第7話 それはカメラと言うにはあまりにも大きすぎた
「アルティメット・ブロウ!!」
みずきの放つ渾身の一撃は、大型バスをも飲み込む巨大な魔導生物の腹部を一瞬にして吹き飛ばした。
やがて、腹にぽっかりと穴をあけた魔導生物の死骸は黒く腐敗していき、灰となってその姿を跡形もなく消し去った。

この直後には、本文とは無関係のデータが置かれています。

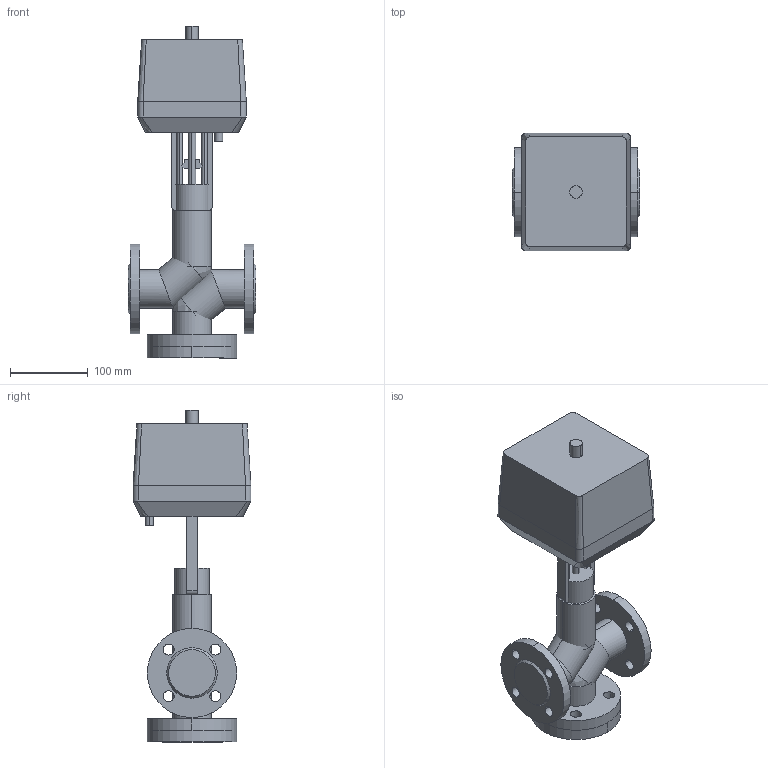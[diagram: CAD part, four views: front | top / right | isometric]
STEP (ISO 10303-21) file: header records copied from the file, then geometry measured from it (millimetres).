
FILE_DESCRIPTION(/* description */ (''),/* implementation_level */ '2;1');
FILE_NAME(/* name */ 'ТРК DN25 PN 2.5 МПа VTM-i 1000H',/* time_stamp */ '2026-07-14T23:22:37+03:00',/* author */ (''),/* organization */ (''),/* preprocessor_version */ 'ST-DEVELOPER v20',/* originating_system */ '',/* authorisation */ '');
FILE_SCHEMA (('AP242_MANAGED_MODEL_BASED_3D_ENGINEERING_MIM_LF { 1 0 10303 442 1 1 4 }'));
Length unit declared in the file: millimetre
Products named in the file (14): TopLevelAssembly; Выдавливание; Модификатор; Модификатор_1; Выдавливание_
1; Выдавливание_
2; Вращение; Выдавливание_
3; Выдавливание_
4; 1600; Переход; Объемная геометрия 
присоединена; Полый Выдавливание; Объемная геометрия 
присоединена_1
Assembly tree (13 placements, depth 2):
  TopLevelAssembly
    Выдавливание
    Модификатор
    Модификатор_1
    Выдавливание_
1
    Выдавливание_
2
    Вращение
    Выдавливание_
3
    Выдавливание_
4
    1600
    Переход
    Объемная геометрия 
присоединена
    Полый Выдавливание
    Объемная геометрия 
присоединена_1
Bounding box: 165 x 152 x 428 mm (x, y, z)
Volume: 3631774.5 mm3; surface area: 402265.2 mm2
Topology: 21 solids, 21 shells, 166 faces, 372 edges, 244 vertices
Faces by surface type: plane 78, cylinder 72, bspline 12, cone 4
Entity records: 5358 total; most frequent: CARTESIAN_POINT 1081, DIRECTION 906, ORIENTED_EDGE 728, EDGE_CURVE 364, AXIS2_PLACEMENT_3D 361, VERTEX_POINT 244, EDGE_LOOP 200, LINE 184

「ふぅ……大型の魔導生物となると結構苦戦させられるなぁ……それにしても、あいつらあれから毎日現れるようになってるけど、よっぽど暇なんだろうな」
「そんな相手と戦えるほど君自身が暇な人間で助かったよ」
「お前煽ってるよなそれ」
みずきが魔法少女となって数日。ドボルザークとの戦い以降、毎日のように現れる魔導生物との戦闘により、みずきは着実に力をつけていった。
そんなみずきの様子に、ニューンは彼女の成長した背中を見詰めて静かに考え込む。
(初戦の頃と比べて格段に魔力の扱いが安定している……短期間でここまで魔法を使いこなせるようになるなんて、正直驚きだよみずき……!……よしっ!想定よりも早いが、そろそろ彼女との接触をを試みるとしよう……!)
「……あのさぁ、ニューン。私の気のせいかもしれないんだけどさ……最近、戦ってるところをずっと誰かに見られてる気がするんだけど……」
「君も戦いの中で感覚が研ぎ澄まされて、遠くの気配を感じ取れるようになったみたいだね。どうやら、早くも"2つ目の運命"が動き出したようだ」
「は?……時々思うけど、あんたって厨二っぽいっていうか、結構痛い発言多いよな」
「それはお互い様だろ」
「なっ……!!」
みずきは思わずニューン相手に出そうになった必殺のアルティメット・ブロウをギリギリのところで堪え、その拳を振り下ろした。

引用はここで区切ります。